Trump Settles Into His Dream
Donald Trump is parading around another “greatest deal ever made,” this one with the European Union. And once again, like his deal of the century with Japan, the trumpeted victory is a permanent (until Trump changes his whim of the month) fifteen percent tariff on most goods from Europe, as though fifteen percent were a great accomplishment because it is only half as high as thirty percent, rather than being a disaster because it is infinitely higher than zero. In short, to state the obvious yet again, Trump simply likes tariffs, and he would like tariffs imposed uniformly against the entire world — protectionist manipulation of the American economy at the expense of the private American consumers and taxpayers who comprise that economy — to be his economic legacy. It likely will be. But Trump, a billionaire grifter who will be dead in a few years, will never have to bear the brunt of what he has done to tens of millions of middle class and poor Americans who will have that much more difficulty making ends meet, let alone improving their financial lots in life, thanks to Trump’s restrictions on trade. All because Trump believes the world is committing a punishable injustice against the U.S. by being less wealthy than the U.S. Not surprisingly, Trump is even a fool in the one area where his fan club would like to believe that he, as a famous businessman, ought to know the most.

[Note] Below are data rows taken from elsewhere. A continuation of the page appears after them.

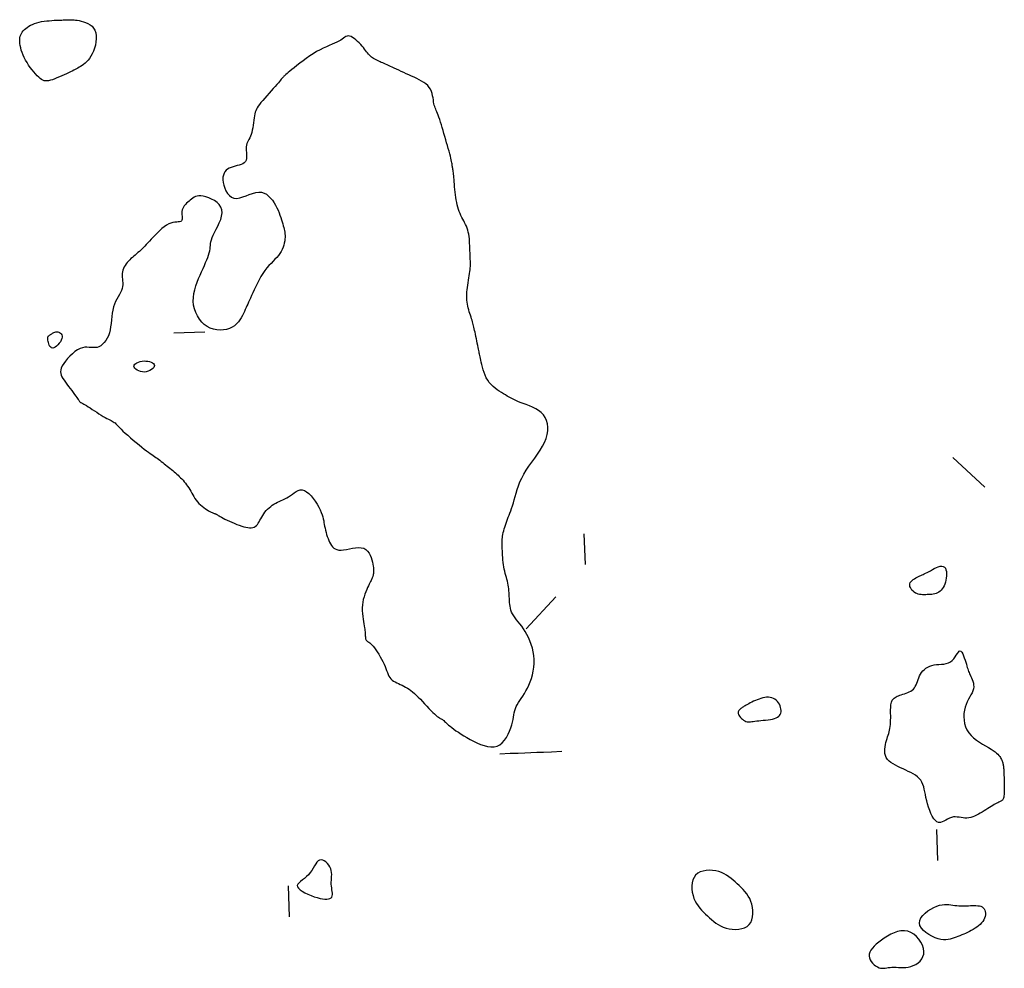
# Model space of a CAD drawing. Header units: millimetres. Extents: x 32690613 to 32693367, y 5343692 to 5344708.
# Tile 858 of 1009: x 32693162 to 32693194, y 5344309 to 5344339. Entities that reach past the tile are written whole.
import ezdxf

# ---------------------------------------------------------------- set-up
doc = ezdxf.new("R2010")
doc.units = ezdxf.units.MM
doc.header["$LTSCALE"] = 20
doc.layers.add('02-DGM_HL_492.00', color=82, linetype='Continuous')

msp = doc.modelspace()

# ---------------------------------------------------------------- linework, layer by layer
at = {"layer": '02-DGM_HL_492.00', "elevation": 492, "flags": 128}
for points in [[(32693163.06, 5344339.265), (32693163.119, 5344339.267), (32693163.171, 5344339.269), (32693163.217, 5344339.271), (32693163.258, 5344339.273), (32693163.295, 5344339.274), (32693163.329, 5344339.275), (32693163.362, 5344339.277), (32693163.393, 5344339.278), (32693163.425, 5344339.279), (32693163.457, 5344339.28), (32693163.491, 5344339.279), (32693163.529, 5344339.278), (32693163.57, 5344339.275), (32693163.616, 5344339.269), (32693163.669, 5344339.261), (32693163.728, 5344339.249), (32693163.794, 5344339.234), (32693163.866, 5344339.214), (32693163.94, 5344339.189), (32693164.013, 5344339.156), (32693164.082, 5344339.116), (32693164.146, 5344339.066), (32693164.199, 5344339.007), (32693164.241, 5344338.936), (32693164.267, 5344338.853), (32693164.281, 5344338.761), (32693164.282, 5344338.663), (32693164.272, 5344338.561), (32693164.253, 5344338.458), (32693164.226, 5344338.357), (32693164.192, 5344338.261), (32693164.154, 5344338.173), (32693164.111, 5344338.096), (32693164.066, 5344338.028), (32693164.019, 5344337.969), (32693163.971, 5344337.918), (32693163.922, 5344337.873), (32693163.872, 5344337.834), (32693163.824, 5344337.8), (32693163.777, 5344337.77), (32693163.732, 5344337.743), (32693163.689, 5344337.718), (32693163.645, 5344337.694), (32693163.6, 5344337.67), (32693163.553, 5344337.646), (32693163.502, 5344337.621), (32693163.446, 5344337.595), (32693163.385, 5344337.566), (32693163.317, 5344337.533), (32693163.245, 5344337.499), (32693163.169, 5344337.464), (32693163.091, 5344337.43), (32693163.014, 5344337.397), (32693162.939, 5344337.367), (32693162.868, 5344337.341), (32693162.802, 5344337.321), (32693162.744, 5344337.307), (32693162.692, 5344337.3), (32693162.644, 5344337.3), (32693162.6, 5344337.308), (32693162.557, 5344337.323), (32693162.514, 5344337.347), (32693162.47, 5344337.379), (32693162.423, 5344337.419), (32693162.373, 5344337.468), (32693162.319, 5344337.526), (32693162.263, 5344337.59), (32693162.207, 5344337.659), (32693162.151, 5344337.733), (32693162.097, 5344337.811), (32693162.046, 5344337.891), (32693161.999, 5344337.972), (32693161.956, 5344338.054), (32693161.919, 5344338.135), (32693161.888, 5344338.215), (32693161.861, 5344338.294), (32693161.84, 5344338.37), (32693161.824, 5344338.443), (32693161.813, 5344338.512), (32693161.808, 5344338.577), (32693161.808, 5344338.637), (32693161.814, 5344338.692), (32693161.825, 5344338.744), (32693161.842, 5344338.792), (32693161.863, 5344338.836), (32693161.89, 5344338.879), (32693161.923, 5344338.919), (32693161.96, 5344338.958), (32693162.003, 5344338.995), (32693162.051, 5344339.031), (32693162.104, 5344339.066), (32693162.161, 5344339.098), (32693162.224, 5344339.127), (32693162.291, 5344339.154), (32693162.362, 5344339.178), (32693162.437, 5344339.199), (32693162.516, 5344339.216), (32693162.598, 5344339.229), (32693162.681, 5344339.24), (32693162.764, 5344339.248), (32693162.844, 5344339.254), (32693162.922, 5344339.259), (32693162.994, 5344339.262)], [(32693163.624, 5344327.116), (32693163.655, 5344327.072), (32693163.681, 5344327.034), (32693163.7, 5344327.003), (32693163.716, 5344326.978), (32693163.729, 5344326.957), (32693163.739, 5344326.941), (32693163.749, 5344326.928), (32693163.759, 5344326.918), (32693163.771, 5344326.91), (32693163.785, 5344326.902), (32693163.802, 5344326.894), (32693163.824, 5344326.884), (32693163.85, 5344326.871), (32693163.883, 5344326.854), (32693163.922, 5344326.833), (32693163.969, 5344326.805), (32693164.025, 5344326.77), (32693164.087, 5344326.73), (32693164.154, 5344326.685), (32693164.225, 5344326.638), (32693164.297, 5344326.59), (32693164.369, 5344326.543), (32693164.439, 5344326.499), (32693164.506, 5344326.458), (32693164.567, 5344326.423), (32693164.623, 5344326.393), (32693164.674, 5344326.366), (32693164.721, 5344326.343), (32693164.763, 5344326.322), (32693164.8, 5344326.303), (32693164.834, 5344326.284), (32693164.863, 5344326.264), (32693164.89, 5344326.244), (32693164.915, 5344326.221), (32693164.94, 5344326.195), (32693164.968, 5344326.165), (32693165.001, 5344326.13), (32693165.04, 5344326.088), (32693165.088, 5344326.04), (32693165.147, 5344325.983), (32693165.218, 5344325.918), (32693165.299, 5344325.846), (32693165.387, 5344325.769), (32693165.479, 5344325.69), (32693165.573, 5344325.612), (32693165.665, 5344325.536), (32693165.753, 5344325.464), (32693165.834, 5344325.4), (32693165.906, 5344325.345), (32693165.969, 5344325.298), (32693166.026, 5344325.258), (32693166.076, 5344325.223), (32693166.122, 5344325.191), (32693166.166, 5344325.162), (32693166.208, 5344325.133), (32693166.25, 5344325.103), (32693166.294, 5344325.072), (32693166.339, 5344325.038), (32693166.385, 5344325.003), (32693166.431, 5344324.967), (32693166.478, 5344324.929), (32693166.526, 5344324.892), (32693166.572, 5344324.854), (32693166.619, 5344324.816), (32693166.665, 5344324.779), (32693166.71, 5344324.743), (32693166.754, 5344324.706), (32693166.798, 5344324.67), (32693166.841, 5344324.633), (32693166.883, 5344324.595), (32693166.925, 5344324.557), (32693166.967, 5344324.517), (32693167.008, 5344324.476), (32693167.048, 5344324.434), (32693167.087, 5344324.391), (32693167.126, 5344324.345), (32693167.164, 5344324.298), (32693167.201, 5344324.25), (32693167.236, 5344324.199), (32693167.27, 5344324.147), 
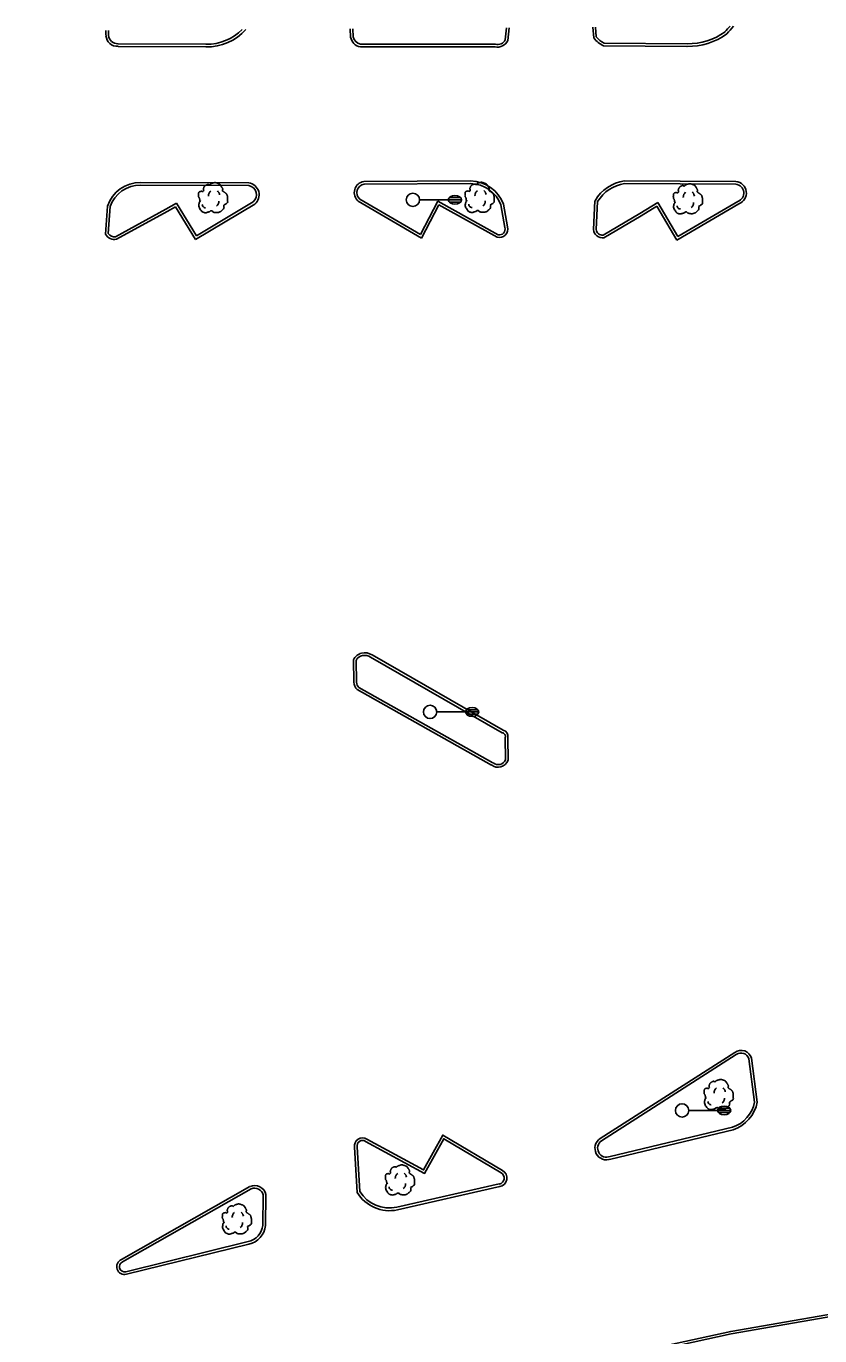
# Model space of a CAD drawing. Extents: x 2145380 to 2156929, y 139568 to 149130.
# Drawn here: x 2152586.9 to 2152766.1, y 143218.3 to 143514 of the extents above; entities that cross this region are included whole.
import ezdxf

# ---------------------------------------------------------------- set-up
doc = ezdxf.new("R2010")
doc.units = 0
for name, color, linetype in [('TOPO_Curb Back', 7, 'Continuous'), ('TOPO_Light Pole', 7, 'Continuous'), ('TOPO_Tree', 7, 'Continuous')]:
    doc.layers.add(name, color=color, linetype=linetype)

# ---------------------------------------------------------------- blocks, each defined once
blk = doc.blocks.new('LP')
at = {"layer": 'TOPO_Light Pole'}
blk.add_line((3.81, 0), (20.32, 0), dxfattribs=at)
for points in [[(20.32, 0), (27.94, 0)], [(20.32, 0), (23.5, 0)], [(20.83, 1.27), (27.43, 1.27)], [(20.83, 1.27), (23.5, 1.27)], [(23.71, 1.27), (27.43, 1.27)], [(23.71, 0), (27.94, 0)], [(20.83, -1.27), (27.43, -1.27)], [(20.83, -1.27), (23.5, -1.27)], [(23.71, -1.27), (27.43, -1.27)]]:
    blk.add_lwpolyline(points, dxfattribs=at)
blk.add_circle((0, 0), 3.81, dxfattribs=at)
blk.add_ellipse((24.13, 0), major_axis=(3.81, 0), ratio=0.666667, dxfattribs=at)
blk = doc.blocks.new('TREE')
at = {"layer": 'TOPO_Tree'}
for points in [[(-14.1, -0.4), (-14.2, 0.5), (-14.4, 1.4), (-14.6, 2.3), (-14.8, 3.2), (-15.5, 4), (-15.7, 4.9), (-15.8, 5.6), (-15.7, 6.3), (-15.7, 7), (-15.6, 7.9), (-15.7, 8.8), (-15.1, 9.7), (-14.6, 10.4), (-13.8, 10.5), (-13, 10.7), (-12.2, 11), (-11.1, 10), (-10.4, 10.7), (-9.4, 11.7), (-10.3, 13.3), (-9.8, 14.4), (-9.6, 15.1), (-9.3, 15.9), (-8.8, 16.5), (-8.2, 17.3), (-7.5, 17.7), (-6.7, 18.1), (-6.1, 18.4), (-5.6, 18.6), (-5.1, 18.7), (-4.5, 18.7), (-4, 18.5), (-3.5, 18.1)], [(-3.5, 17.6), (-3.1, 18.3), (-2.6, 18.8), (-1.9, 19.2), (-1, 19.7), (-0.2, 20), (0.7, 20.2), (1.6, 20.5), (2.5, 20.8), (3.4, 20.8), (4.1, 20.7), (4.8, 20.5), (5.5, 20.2), (6.4, 19.9), (7.3, 19.7), (8.2, 19.2), (9.4, 18.4), (10, 17.2), (10.8, 16), (11.2, 15.3), (11.6, 14.6), (11.9, 13.9), (12.2, 13.1), (11.4, 12), (11.9, 11.2), (12, 11), (12.2, 10.9), (12.4, 10.7), (12.9, 10.4), (13.5, 10), (14, 9.7), (14.7, 9.2), (15.4, 8.7), (16.1, 8.1), (16.7, 7.5), (16.9, 6.7), (17.1, 6), (17.6, 4.4), (17.7, 2.8), (17.7, 1.2), (17.7, -0.2), (17.8, -2.2), (16.6, -3), (15.5, -3.8), (14.3, -4.6), (13.2, -5.3)], [(13.2, -5.3), (13.3, -5.8), (13.4, -6.3), (13.4, -6.7), (13.8, -8.5), (12.2, -10), (10.8, -11.5), (10, -12.3), (9.1, -12.8), (8.2, -13.1), (6, -13.8), (3.3, -13.6), (1.3, -13.1), (0.5, -12.9), (-0.1, -11.4), (-0.8, -11.5), (-2, -11.6), (-3.3, -12.8), (-4.5, -13.1), (-6.1, -13.5), (-7.8, -14), (-9.3, -13.6), (-11.4, -13.1), (-12.8, -11.4), (-14.1, -9.4), (-15.3, -7.3), (-15.6, -5.1), (-15.1, -3), (-14.9, -1.9), (-13.9, -0.8), (-13.5, 0.1)], [(-4.2, 5.1), (-4.5, 6.1), (-4.3, 7.2), (-3.8, 8.2), (-3.3, 9.3), (-2.7, 10.3), (-1.6, 11)], [(5.9, 11.2), (6.5, 10.7), (7, 10.2), (7.4, 9.5), (7.9, 8.6), (8.3, 7.6), (8.5, 6.6)], [(-11.4, -4.5), (-11.5, -5.4), (-11, -6.3), (-10.1, -7.2), (-9.3, -8), (-8.5, -8.3), (-7.7, -8.1)], [(4.8, -6.3), (5.7, -5.7), (6.3, -4.9), (6.8, -3.9), (7.4, -2.8), (7.6, -1.7), (7.5, -0.6)]]:
    blk.add_open_spline(points, degree=3, dxfattribs=at)

msp = doc.modelspace()

# ---------------------------------------------------------------- linework, layer by layer
at = {"layer": 'TOPO_Curb Back'}
for p, q in [((2152612.77, 143478.71), (2152637.22, 143478.59)), ((2152612.77, 143478.11), (2152637.17, 143477.99)), ((2152663.15, 143478.93), (2152687.28, 143479.03)), ((2152663.21, 143478.33), (2152687.28, 143478.43)), ((2152722.01, 143479.05), (2152747.2, 143478.9)), ((2152722.05, 143478.45), (2152747.16, 143478.3)), ((2152620.87, 143474), (2152618.44, 143472.65)), ((2152625.36, 143466.6), (2152620.87, 143474)), ((2152638.19, 143474.28), (2152625.36, 143466.6)), ((2152676.17, 143466.12), (2152661.91, 143474.46)), ((2152675.93, 143466.96), (2152662.26, 143474.95)), ((2152679.89, 143474.44), (2152675.93, 143466.96)), ((2152693.48, 143466.89), (2152679.89, 143474.44)), ((2152715.05, 143468.06), (2152715.36, 143474.57)), ((2152715.65, 143468.07), (2152715.96, 143474.39)), ((2152729.56, 143474.13), (2152725.47, 143471.65)), ((2152734.04, 143466.49), (2152729.56, 143474.13)), ((2152747.6, 143474.42), (2152734.04, 143466.49)), ((2152604.85, 143467), (2152605.28, 143473.37)), ((2152605.46, 143467.15), (2152605.88, 143473.25)), ((2152618.44, 143472.65), (2152607.12, 143466.42)), ((2152618.73, 143472.12), (2152607.32, 143465.85)), ((2152620.66, 143473.19), (2152618.73, 143472.12)), ((2152625.16, 143465.78), (2152620.66, 143473.19)), ((2152638.54, 143473.79), (2152625.16, 143465.78)), ((2152680.13, 143473.62), (2152676.17, 143466.12)), ((2152693.26, 143466.33), (2152680.13, 143473.62)), ((2152694.1, 143473.62), (2152695.02, 143468.54)), ((2152694.68, 143473.78), (2152695.6, 143468.68)), ((2152725.47, 143471.65), (2152717.19, 143466.79)), ((2152725.77, 143471.14), (2152717.39, 143466.21)), ((2152729.35, 143473.3), (2152725.77, 143471.14)), ((2152733.83, 143465.67), (2152729.35, 143473.3)), ((2152747.86, 143473.87), (2152733.83, 143465.67)), ((2152716.51, 143262.81), (2152746.93, 143282.27)), ((2152716.83, 143262.31), (2152747.27, 143281.78)), ((2152750.12, 143280.82), (2152751.39, 143271.06)), ((2152750.71, 143280.94), (2152752, 143271.04)), ((2152746.41, 143265.35), (2152718.77, 143258.76)), ((2152746.58, 143264.77), (2152718.96, 143258.19)), ((2152716.51, 143262.81), (2152716.51, 143262.81)), ((2152716.84, 143262.31), (2152716.83, 143262.31))]:
    msp.add_line(p, q, dxfattribs=at)
for points in [[(2152660.11, 143513.39), (2152660.18, 143511.52)], [(2152660.71, 143513.4), (2152660.78, 143511.58)], [(2152695.08, 143510.92), (2152695.35, 143513.63)], [(2152695.67, 143510.77), (2152695.95, 143513.63)], [(2152714.85, 143513.76), (2152715.08, 143511.32)], [(2152715.45, 143513.76), (2152715.66, 143511.56)], [(2152607.66, 143510.02), (2152627.52, 143509.88)], [(2152662.45, 143509.92), (2152692.87, 143509.94)], [(2152717.31, 143509.55), (2152736.13, 143509.42)], [(2152717.45, 143510.15), (2152736.15, 143510.02)], [(2152607.68, 143509.42), (2152627.52, 143509.28)], [(2152662.4, 143509.32), (2152692.79, 143509.34)], [(2152660.92, 143365.83), (2152660.8, 143370.94)], [(2152661.52, 143365.84), (2152661.4, 143370.8)], [(2152664.69, 143371.5), (2152694.39, 143354.43)], [(2152665.01, 143372.01), (2152694.6, 143355)], [(2152692.32, 143347.68), (2152662.01, 143364.69)], [(2152692.03, 143347.15), (2152661.65, 143364.2)], [(2152695.1, 143353.37), (2152695.12, 143348.33)], [(2152695.7, 143353.3), (2152695.72, 143348.21)], [(2152663.56, 143262.18), (2152676.88, 143254.93), (2152681.21, 143262.75), (2152694.15, 143255.07)], [(2152663.87, 143262.7), (2152676.64, 143255.74), (2152680.99, 143263.58), (2152694.44, 143255.6)], [(2152661.66, 143250.65), (2152661.07, 143260.84)], [(2152662.25, 143250.84), (2152661.66, 143260.91)], [(2152693.72, 143252.55), (2152670.61, 143247.29)], [(2152608.41, 143235.49), (2152637.46, 143252)], [(2152608.7, 143234.97), (2152637.73, 143251.46)], [(2152640.44, 143250.13), (2152640.37, 143243.2)], [(2152641.04, 143250.2), (2152640.97, 143243.17)], [(2152693.86, 143251.96), (2152670.74, 143246.7)], [(2152637.04, 143239.54), (2152609.4, 143232.75)], [(2152637.17, 143238.95), (2152609.54, 143232.17)], [(2152792.49, 143226.74), (2152746.13, 143218.69), (2152704.59, 143209.63), (2152657.68, 143198.45), (2152612.23, 143187.56), (2152560.11, 143175.09), (2152512.89, 143163.96), (2152469.02, 143153.68), (2152422.57, 143142.6), (2152379.78, 143132.55), (2152375.96, 143148.84)], [(2152792.39, 143227.33), (2152746.01, 143219.28), (2152704.45, 143210.22), (2152657.54, 143199.03), (2152612.09, 143188.14), (2152559.97, 143175.68), (2152512.75, 143164.55), (2152468.88, 143154.27), (2152422.43, 143143.18), (2152380.22, 143133.27), (2152376.56, 143148.91)]]:
    msp.add_lwpolyline(points, dxfattribs=at)
for centre, radius, start, end in [((2152621.65, 143512.77), 16.73, 179.1347, 183.2405), ((2152621.63, 143512.77), 16.11, 179.0838, 183.2415), ((2152627.73, 143521.02), 11.74, 268.9641, 318.4659), ((2152627.73, 143521.02), 11.14, 268.9477, 315.6304), ((2152736.58, 143523.56), 13.55, 268.1862, 306.9557), ((2152731.7, 143526.18), 18.71, 314.0636, 319.2587), ((2152731.7, 143526.18), 19.31, 313.9535, 320.7951), ((2152607.49, 143511.97), 2.55, 183.2788, 274.1345), ((2152607.49, 143511.97), 1.95, 183.2847, 274.7895), ((2152662.82, 143511.97), 2.69, 189.734, 260.9006), ((2152662.82, 143511.97), 2.09, 190.752, 259.6663), ((2152693.4, 143511.7), 2.45, 255.4505, 337.5949), ((2152693.4, 143511.7), 1.85, 253.233, 335.0494), ((2152719.71, 143514.87), 5.83, 217.4862, 245.7669), ((2152719.7, 143514.87), 5.23, 219.3222, 244.4164), ((2152736.58, 143523.56), 14.15, 268.2164, 307.1073), ((2152612.75, 143470.82), 7.89, 89.8617, 161.1477), ((2152612.75, 143470.82), 7.29, 89.8672, 160.5419), ((2152636.78, 143475.89), 2.14, 311.2152, 79.5238), ((2152636.78, 143475.89), 2.74, 310.0119, 80.7116), ((2152663.55, 143476.41), 2.54, 98.8755, 230.0868), ((2152663.55, 143476.41), 1.94, 100.1222, 228.7042), ((2152687.2, 143471.07), 7.95, 19.8827, 89.3955), ((2152687.2, 143471.07), 7.35, 20.2692, 89.3609), ((2152723.31, 143469.96), 9.18, 98.1427, 149.8806), ((2152723.31, 143469.96), 8.58, 98.4334, 148.9231), ((2152746.95, 143476.31), 2, 288.9574, 83.9293), ((2152746.95, 143476.31), 2.6, 290.3567, 84.6334), ((2152693.77, 143468.15), 1.9, 254.1228, 15.9209), ((2152693.77, 143468.15), 1.3, 256.8972, 17.1058), ((2152717.06, 143468.19), 1.41, 185.0328, 275.4332), ((2152606.88, 143468.14), 2.33, 209.2005, 280.8327), ((2152606.88, 143468.14), 1.73, 214.7053, 277.9172), ((2152717.06, 143468.19), 2.01, 183.767, 279.545), ((2152663.37, 143369.63), 2.88, 55.286, 153.0638), ((2152663.37, 143369.63), 2.28, 54.6881, 149.4807), ((2152663.12, 143365.84), 2.2, 180.1658, 228.2596), ((2152663.12, 143365.84), 1.6, 179.9626, 226.0989), ((2152694.29, 143353.59), 0.845, 344.5972, 82.8276), ((2152694.29, 143353.59), 1.45, 348.2791, 77.4411), ((2152693.49, 143349.02), 2.38, 230.7323, 340.1209), ((2152693.49, 143349.02), 1.78, 230.7316, 336.9354), ((2152748.35, 143280.27), 2.45, 15.8234, 125.371), ((2152748.35, 143280.27), 1.85, 17.0921, 125.7864), ((2152743.93, 143272.53), 7.6, 289.0441, 348.8036), ((2152743.93, 143272.53), 8.2, 288.8336, 349.5027), ((2152662.87, 143261.16), 1.83, 56.9054, 190.1394), ((2152662.87, 143261.16), 1.23, 55.9155, 191.6341), ((2152717.98, 143260.63), 2.63, 123.9881, 291.9272), ((2152717.98, 143260.63), 2.03, 124.0413, 293.1093), ((2152693.52, 143253.88), 1.95, 279.4904, 61.6708), ((2152638.5, 143249.6), 2.61, 13.2081, 113.3455), ((2152693.52, 143253.88), 1.35, 279.488, 62.1503), ((2152638.5, 143249.6), 2.01, 15.1365, 112.4769), ((2152668.98, 143255.07), 8.55, 211.1195, 281.9058), ((2152668.98, 143255.07), 7.95, 212.1715, 281.8711), ((2152636.15, 143243.69), 4.25, 282.1076, 353.3937), ((2152636.15, 143243.69), 4.85, 282.2147, 353.7816), ((2152609.13, 143233.88), 1.76, 113.1326, 283.5263), ((2152609.13, 143233.88), 1.16, 113.1312, 283.4685)]:
    msp.add_arc(centre, radius, start, end, dxfattribs=at)

# ---------------------------------------------------------------- block references
at = {"layer": 'TOPO_Light Pole', "xscale": 0.39370000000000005, "yscale": 0.3937000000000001}
for p in [(2152674.24, 143474.76), (2152678.12, 143359.14), (2152735.02, 143269.16)]:
    msp.add_blockref('LP', p, dxfattribs=at)
at = {"layer": 'TOPO_Tree', "xscale": 0.19685000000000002, "yscale": 0.19685000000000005}
for p in [(2152628.93, 143474.57), (2152689.11, 143474.64), (2152736.15, 143474.31), (2152743.11, 143272.06), (2152671.13, 143252.78), (2152634.31, 143243.96)]:
    msp.add_blockref('TREE', p, dxfattribs=at)

doc.saveas('drawing.dxf')

I have consistently railed against the political folly of assuming that businessmen understand economics better than anyone else, let alone that they ought to be trusted and deferred to as defenders of a country’s general welfare and the best interests of their fellow citizens. There is absolutely nothing inherent in being a wealthy businessman that indicates a sense for the general welfare or a feeling for the best interests of others. Quite the contrary. The fact that the efforts of a man who has given himself over to excessive self-seeking and an immoderate obsession with material gain might accidentally benefit others, by way of an invisible hand, offers no support for believing that this same man would ever be inclined to intentionally benefit others, in the even-handed and level-headed way that one ought to hold out as the ideal for a statesman. Again, quite the contrary. That Trump is the most extreme parody of this politico-ethical miscalculation does nothing to reduce the general applicability of this truth even to the case of more rational and morally restrained profiteers. It only emblazons a particularly bold streak of highlighter ink across the general truth.